Dynamic variable in Python [duplicate]

I’d advise you to just use a list or dictionary instead of dynamic variable names. All the versions below result in lists[0], lists[1] etc being [], which seems close enough to what you want, and will be more readable/maintainable in the long term. (Note: I’m using lists instead of list as a variable name because the latter would overwrite the builtin list function, which you probably don’t want).
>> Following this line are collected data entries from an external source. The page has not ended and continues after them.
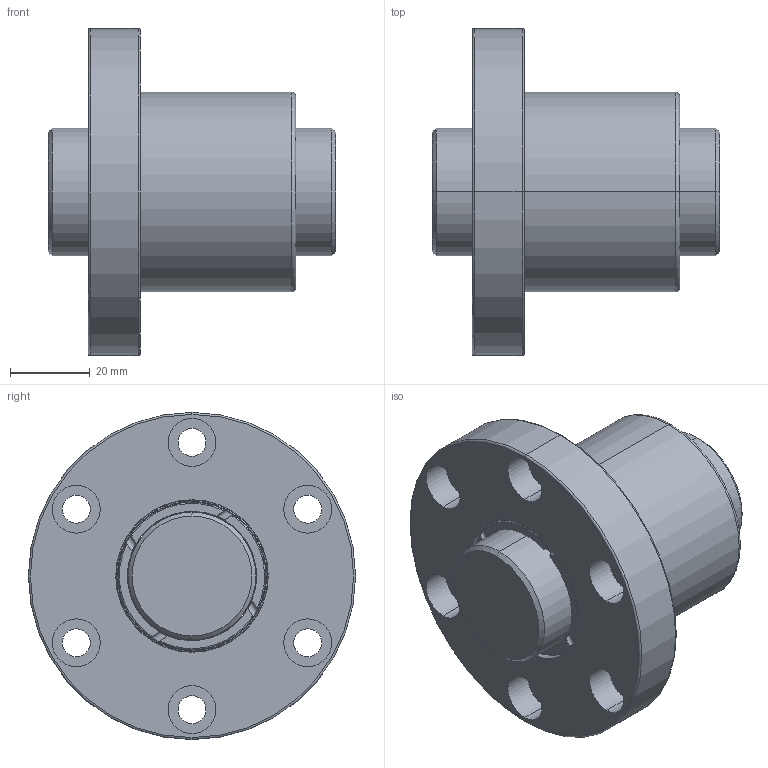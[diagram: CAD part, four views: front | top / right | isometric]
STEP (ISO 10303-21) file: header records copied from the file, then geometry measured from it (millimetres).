
FILE_DESCRIPTION (( 'STEP AP203' ), '1' );
FILE_NAME ('SFZR03205T4N-C.STEP', '2020-06-18T00:58:52', ( '' ), ( '' ), 'SwSTEP 2.0', 'SolidWorks 2013', '' );
FILE_SCHEMA (( 'CONFIG_CONTROL_DESIGN' ));
Length unit declared in the file: millimetre
Products named in the file (1): SFZR03205T4N-C
Bounding box: 72 x 82 x 82 mm (x, y, z)
Volume: 150735.3 mm3; surface area: 37679.2 mm2
Topology: 2 solids, 2 shells, 117 faces, 282 edges, 182 vertices
Faces by surface type: cylinder 62, torus 26, plane 25, cone 4
Entity records: 4499 total; most frequent: CARTESIAN_POINT 1630, DIRECTION 614, ORIENTED_EDGE 564, EDGE_CURVE 282, AXIS2_PLACEMENT_3D 274, VERTEX_POINT 182, CIRCLE 156, EDGE_LOOP 144

1) Version with lists being a list of lists (the numbers are just the order of the lists):

lists = [[] for i in range(len(myself))]

2) Same but with a for loop instead of a list comprehension:

lists = []
for i in range(len(myself)):
   lists.append([])

3) Version with lists being a dictionary of lists with numbers as keys (a bit more flexible if you want to remove some of the values later or such):

lists = {}
for i in range(len(myself)):
   lists[i] = []

About dynamic variable names, i.e. variables like list1 instead of lists[1]… Seriously, you probably shouldn’t do that. It’s unnecessarily complicated and hard to maintain. Think about it – next month you’ll want to modify the script, and you’ll try to figure out where the variable list1 was defined, and you won’t be able to do that with a plain text search. It’s a pain.
But if you really want to for some reason, it’s possible with exechere are some reasons not to use it – or with modifying locals()bad idea according to documentation. Also see comments for more discussion on why these things are a bad idea and how confusing it gets even talking about them.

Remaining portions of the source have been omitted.